# North Dakota is #1 but not in a good way



## zettler (Sep 7, 2002)

NORTH DAKOTA RANKED #1
(But not in a good way!)

Just saw this study and have to wonder whether there is a correlation between the opening of waterfowl season in North Dakota, and ALL the out-of-state hunters that started showing up there these past several weeks???

"North Dakota has the most new Covid-19 cases per 100,000 population this week, per the White House coronavirus task force.

The states in the top ten for new cases per 100,000 population are largely in the Central and Northern US: SD, followed by MT, WI, ID, WY, UT, NE, TN, and IA"

2:21 PM · Oct 28, 2020


----------



## Plainsman (Jul 30, 2003)

Strange thats for sure. Waterfowl season, college kids returning, local schools opening, cold weather pushing people indoors and things I have not thought of.


----------



## Chuck Smith (Feb 22, 2005)

Is the reporting like MN... where if one person in a family of 4 tests positive do they count the whole household as positive cases or just the one who actually tested positive. So 1 case or 4 cases??

Are the cases a "backlog" that is showing up also like in MN... ie: people who tested in July are now getting results back after "quarentining" back in july... but the positive case is getting shown now in October???

Is it also the fact that flu cases are down 90% from this time last year.... so is the yearly flu getting "popped" or "documented" as COVID 19??

This is what happens when the Gov. Monitized covid cases for hospitals. you will see numbers get skewed to error on the safe side. This is what you get when Pelosi will not put into words "LIABILITY EXEMPTIONS" in the COVID bills. She wants it so people can SUE. So everyone is erroring extremely on the side of caution for the fear of litigation. Why do you think schools are being so careful even though the data shows school age children have the highest recovery rate and time line. But yet they are shutting down things, cancelling things, etc. All out of FEAR and possible litigation. I talked to a school Super this week and that is exactly what he said is he doesn't want to be "the school" that has the outbreak and then get sued. Which I dont blame him... he is caught between a rock and a hard place.

Anyways.... my little rant on COVID is over. But the more and more i hear stories and talk to people the more BS is coming to light. Again take it seriously but it isn't the "death sentence" that the media and some on the political side are making it out to be.
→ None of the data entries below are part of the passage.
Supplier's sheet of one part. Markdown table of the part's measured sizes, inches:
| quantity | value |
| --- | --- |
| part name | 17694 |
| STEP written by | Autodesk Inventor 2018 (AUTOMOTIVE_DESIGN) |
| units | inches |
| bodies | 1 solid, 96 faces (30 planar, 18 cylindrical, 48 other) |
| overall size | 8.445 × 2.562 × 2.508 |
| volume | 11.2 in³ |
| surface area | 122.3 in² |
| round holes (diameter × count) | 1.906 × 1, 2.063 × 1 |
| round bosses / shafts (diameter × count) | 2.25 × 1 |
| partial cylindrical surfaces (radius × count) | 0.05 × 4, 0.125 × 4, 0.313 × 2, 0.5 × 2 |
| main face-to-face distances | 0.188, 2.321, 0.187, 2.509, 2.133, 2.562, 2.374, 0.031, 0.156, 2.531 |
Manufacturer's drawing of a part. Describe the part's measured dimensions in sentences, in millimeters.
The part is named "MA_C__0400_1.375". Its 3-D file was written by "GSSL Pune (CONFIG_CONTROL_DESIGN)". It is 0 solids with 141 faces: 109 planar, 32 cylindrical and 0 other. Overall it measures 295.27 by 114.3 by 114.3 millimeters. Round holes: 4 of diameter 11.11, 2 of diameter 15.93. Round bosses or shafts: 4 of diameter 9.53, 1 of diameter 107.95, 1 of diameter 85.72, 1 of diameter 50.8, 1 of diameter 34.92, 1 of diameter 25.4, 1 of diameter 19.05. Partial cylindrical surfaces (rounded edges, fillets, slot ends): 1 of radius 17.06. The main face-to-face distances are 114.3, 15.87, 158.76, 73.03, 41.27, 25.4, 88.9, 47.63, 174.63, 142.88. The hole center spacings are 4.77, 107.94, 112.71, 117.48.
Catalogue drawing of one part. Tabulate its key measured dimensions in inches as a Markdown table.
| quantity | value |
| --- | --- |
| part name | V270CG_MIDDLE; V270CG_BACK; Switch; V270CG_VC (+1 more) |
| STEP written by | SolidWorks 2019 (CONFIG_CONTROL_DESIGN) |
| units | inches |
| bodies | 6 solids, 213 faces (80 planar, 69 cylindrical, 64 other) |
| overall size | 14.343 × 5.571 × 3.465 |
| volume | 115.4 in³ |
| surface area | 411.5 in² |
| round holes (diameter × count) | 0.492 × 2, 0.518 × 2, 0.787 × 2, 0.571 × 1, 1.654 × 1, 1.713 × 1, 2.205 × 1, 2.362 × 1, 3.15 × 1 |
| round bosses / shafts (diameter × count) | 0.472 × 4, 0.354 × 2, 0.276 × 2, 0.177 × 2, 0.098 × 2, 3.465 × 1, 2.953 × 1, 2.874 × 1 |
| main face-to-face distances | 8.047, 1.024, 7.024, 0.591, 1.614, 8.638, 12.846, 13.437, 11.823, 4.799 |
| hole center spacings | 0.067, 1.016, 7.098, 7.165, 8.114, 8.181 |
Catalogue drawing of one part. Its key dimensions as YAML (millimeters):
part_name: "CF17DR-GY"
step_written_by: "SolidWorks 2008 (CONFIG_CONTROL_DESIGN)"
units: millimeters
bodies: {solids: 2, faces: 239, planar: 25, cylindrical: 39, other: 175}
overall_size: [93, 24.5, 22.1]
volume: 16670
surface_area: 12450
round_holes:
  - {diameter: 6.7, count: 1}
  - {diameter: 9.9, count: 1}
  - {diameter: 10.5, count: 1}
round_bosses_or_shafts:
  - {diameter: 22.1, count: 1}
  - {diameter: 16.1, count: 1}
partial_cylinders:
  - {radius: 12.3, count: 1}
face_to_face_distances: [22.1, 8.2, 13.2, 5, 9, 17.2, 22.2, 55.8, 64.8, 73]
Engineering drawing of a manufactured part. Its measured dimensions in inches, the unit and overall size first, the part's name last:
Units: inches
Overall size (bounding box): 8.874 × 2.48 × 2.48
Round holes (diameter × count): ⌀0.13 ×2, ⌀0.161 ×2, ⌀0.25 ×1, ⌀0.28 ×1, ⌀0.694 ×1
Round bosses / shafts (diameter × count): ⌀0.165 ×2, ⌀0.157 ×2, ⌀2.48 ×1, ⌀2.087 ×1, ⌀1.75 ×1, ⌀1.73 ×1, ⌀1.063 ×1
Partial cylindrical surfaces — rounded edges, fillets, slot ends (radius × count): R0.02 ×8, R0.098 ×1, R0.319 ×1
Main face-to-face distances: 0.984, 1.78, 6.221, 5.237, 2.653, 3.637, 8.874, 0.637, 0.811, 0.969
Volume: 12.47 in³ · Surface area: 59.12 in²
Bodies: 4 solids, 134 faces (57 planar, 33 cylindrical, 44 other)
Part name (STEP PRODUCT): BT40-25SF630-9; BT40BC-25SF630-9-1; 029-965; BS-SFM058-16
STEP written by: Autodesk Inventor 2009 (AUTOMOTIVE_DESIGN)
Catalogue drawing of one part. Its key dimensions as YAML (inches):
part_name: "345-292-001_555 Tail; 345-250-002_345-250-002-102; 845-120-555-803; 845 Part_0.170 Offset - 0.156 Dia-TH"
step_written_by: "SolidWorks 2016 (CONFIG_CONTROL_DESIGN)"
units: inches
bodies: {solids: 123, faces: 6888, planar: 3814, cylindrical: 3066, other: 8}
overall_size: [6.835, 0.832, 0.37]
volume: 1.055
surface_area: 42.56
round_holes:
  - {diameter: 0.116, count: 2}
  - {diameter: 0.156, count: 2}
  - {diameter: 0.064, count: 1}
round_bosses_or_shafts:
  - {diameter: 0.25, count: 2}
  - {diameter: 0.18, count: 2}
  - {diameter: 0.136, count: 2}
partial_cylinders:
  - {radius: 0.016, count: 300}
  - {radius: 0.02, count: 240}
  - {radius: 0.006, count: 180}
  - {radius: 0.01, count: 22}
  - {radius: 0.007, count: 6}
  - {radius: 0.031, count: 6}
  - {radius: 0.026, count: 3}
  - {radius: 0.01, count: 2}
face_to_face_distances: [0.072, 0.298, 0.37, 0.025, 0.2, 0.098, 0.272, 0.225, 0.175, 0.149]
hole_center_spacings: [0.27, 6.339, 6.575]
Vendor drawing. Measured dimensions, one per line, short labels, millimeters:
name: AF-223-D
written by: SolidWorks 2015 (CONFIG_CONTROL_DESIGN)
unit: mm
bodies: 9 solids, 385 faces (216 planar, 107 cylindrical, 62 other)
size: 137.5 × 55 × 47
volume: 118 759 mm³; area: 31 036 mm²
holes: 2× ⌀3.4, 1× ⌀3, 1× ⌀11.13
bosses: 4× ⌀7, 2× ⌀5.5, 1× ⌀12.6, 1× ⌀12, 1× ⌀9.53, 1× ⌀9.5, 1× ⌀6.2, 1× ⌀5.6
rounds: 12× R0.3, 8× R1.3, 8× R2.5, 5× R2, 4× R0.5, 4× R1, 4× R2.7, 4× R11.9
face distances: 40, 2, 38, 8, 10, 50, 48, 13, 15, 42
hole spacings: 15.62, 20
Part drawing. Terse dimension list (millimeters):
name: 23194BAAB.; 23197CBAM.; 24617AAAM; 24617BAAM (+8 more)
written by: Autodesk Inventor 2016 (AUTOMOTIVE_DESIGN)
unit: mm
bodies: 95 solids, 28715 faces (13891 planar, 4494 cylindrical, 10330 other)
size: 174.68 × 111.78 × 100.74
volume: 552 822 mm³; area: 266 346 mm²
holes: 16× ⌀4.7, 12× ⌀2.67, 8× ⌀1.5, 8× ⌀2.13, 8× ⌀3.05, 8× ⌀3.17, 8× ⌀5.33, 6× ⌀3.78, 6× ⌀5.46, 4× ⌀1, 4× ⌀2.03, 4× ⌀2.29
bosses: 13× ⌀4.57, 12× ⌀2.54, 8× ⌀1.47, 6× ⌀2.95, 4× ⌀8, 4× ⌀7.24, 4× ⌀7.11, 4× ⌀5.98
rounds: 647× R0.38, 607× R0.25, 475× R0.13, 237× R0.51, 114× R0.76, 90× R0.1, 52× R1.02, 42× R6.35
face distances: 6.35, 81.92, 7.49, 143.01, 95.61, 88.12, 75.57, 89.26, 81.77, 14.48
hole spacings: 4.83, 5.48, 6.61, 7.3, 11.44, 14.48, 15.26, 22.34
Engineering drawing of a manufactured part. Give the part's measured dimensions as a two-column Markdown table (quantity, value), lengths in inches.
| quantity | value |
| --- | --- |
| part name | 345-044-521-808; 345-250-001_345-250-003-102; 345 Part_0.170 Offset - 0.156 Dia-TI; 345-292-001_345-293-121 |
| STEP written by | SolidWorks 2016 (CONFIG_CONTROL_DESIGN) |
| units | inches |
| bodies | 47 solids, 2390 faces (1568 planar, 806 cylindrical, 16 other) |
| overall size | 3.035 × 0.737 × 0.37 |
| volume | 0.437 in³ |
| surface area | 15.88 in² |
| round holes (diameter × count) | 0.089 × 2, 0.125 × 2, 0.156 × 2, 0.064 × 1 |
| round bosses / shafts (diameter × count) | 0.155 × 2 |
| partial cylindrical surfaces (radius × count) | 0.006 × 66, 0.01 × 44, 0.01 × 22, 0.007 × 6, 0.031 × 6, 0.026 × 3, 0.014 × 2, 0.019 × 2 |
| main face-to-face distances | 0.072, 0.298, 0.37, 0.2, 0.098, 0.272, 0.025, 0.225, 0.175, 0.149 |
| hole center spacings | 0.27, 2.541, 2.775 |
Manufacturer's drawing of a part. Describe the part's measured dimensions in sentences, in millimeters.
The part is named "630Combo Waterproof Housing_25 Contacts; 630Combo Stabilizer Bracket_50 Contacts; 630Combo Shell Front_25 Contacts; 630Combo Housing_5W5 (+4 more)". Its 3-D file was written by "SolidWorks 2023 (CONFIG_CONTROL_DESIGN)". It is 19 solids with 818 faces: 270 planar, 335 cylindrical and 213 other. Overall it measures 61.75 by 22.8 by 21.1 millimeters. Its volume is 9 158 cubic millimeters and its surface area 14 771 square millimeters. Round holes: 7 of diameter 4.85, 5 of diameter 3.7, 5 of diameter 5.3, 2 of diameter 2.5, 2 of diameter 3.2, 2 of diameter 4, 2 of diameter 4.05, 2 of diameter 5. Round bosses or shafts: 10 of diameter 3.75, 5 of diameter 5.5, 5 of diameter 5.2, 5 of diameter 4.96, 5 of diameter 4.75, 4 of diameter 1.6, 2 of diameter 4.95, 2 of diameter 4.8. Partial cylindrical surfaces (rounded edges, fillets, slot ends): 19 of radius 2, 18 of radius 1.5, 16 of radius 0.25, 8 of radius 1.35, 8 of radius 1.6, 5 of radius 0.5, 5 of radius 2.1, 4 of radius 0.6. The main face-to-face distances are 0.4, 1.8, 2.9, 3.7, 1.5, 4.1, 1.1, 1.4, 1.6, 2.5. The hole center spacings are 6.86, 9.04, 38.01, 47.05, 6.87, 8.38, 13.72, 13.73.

Stay safe everyone. :thumb:


----------



## zettler (Sep 7, 2002)

Here is a reply from a friend:

"not sure that is a correct correlation, every medical professional has said for months to expect a dramatic increase this winter...if your correlating influx of new hunters then you must look at steepness of other states which likely received hunters as well... here is a comparison to Minnesota and Wisconsin, all which had influx... but have greater steepness..."


----------



## Plainsman (Jul 30, 2003)

The reporting is crazy for sure. I was hunting with a fellow today thst said a lady he knows went in to get tested over her lunch break. She signed in, but had to wait so long she was going to be late for work. She was never tested, but two days later got a letter telling her she tested positive.


----------



## southdakbearfan (Oct 11, 2004)

Myself and my son (11) just got tested on Wednesday. We both had fevers and body aches late monday night and tuesday morning so I called my family doctor. He said well with two of you getting symptoms you better come do the drive through testing.

We are both positive.

So far nothing in our lungs but it is hammering our energy hard, body aches and cramps, no taste or smell anymore.

No known exposure aside from the kids at school, which is where I am assuming it came from.

The scary thing is my buddies 69 year old father, with no underlying conditions, who was in great shape and could probably work me into the ground just passed from it.

The day we tested positive I looked at the numbers, 1 in every 69 people in SD actively had COVID.

Stay safe out there guys and gals, take your precautions.


----------



## zettler (Sep 7, 2002)

As if you all who live there didn't already know this but...

COVID-19 Hospitalizations Surge In Dakotas: 'It's Like We Opened Up A Spigot'
November 14, 20207:00 AM ET

[url=https://www.npr.org/sections/...ww.npr.org/sections/health-sho ... p-a-spigot
[/url]


----------



## BugGoSplat (Oct 5, 2020)

Yeah, it might be a good time to start paying attention to mask regulations and social distancing... A lot of people near me don't seem to be doing that.


----------



## Plainsman (Jul 30, 2003)

Where are we now on the scientific opinion on masks. I know at one time they said they caused more problems than they solved. We have gone from wear masks, masks make no difference, to masks are worse, and now back to wear masks. Is there anyone who knows what they are talking about. Some people think masks protect them. They do not. They protect other people from you if your infected. Even then it's like a chain link fence to keep mosquitoes out of your yard.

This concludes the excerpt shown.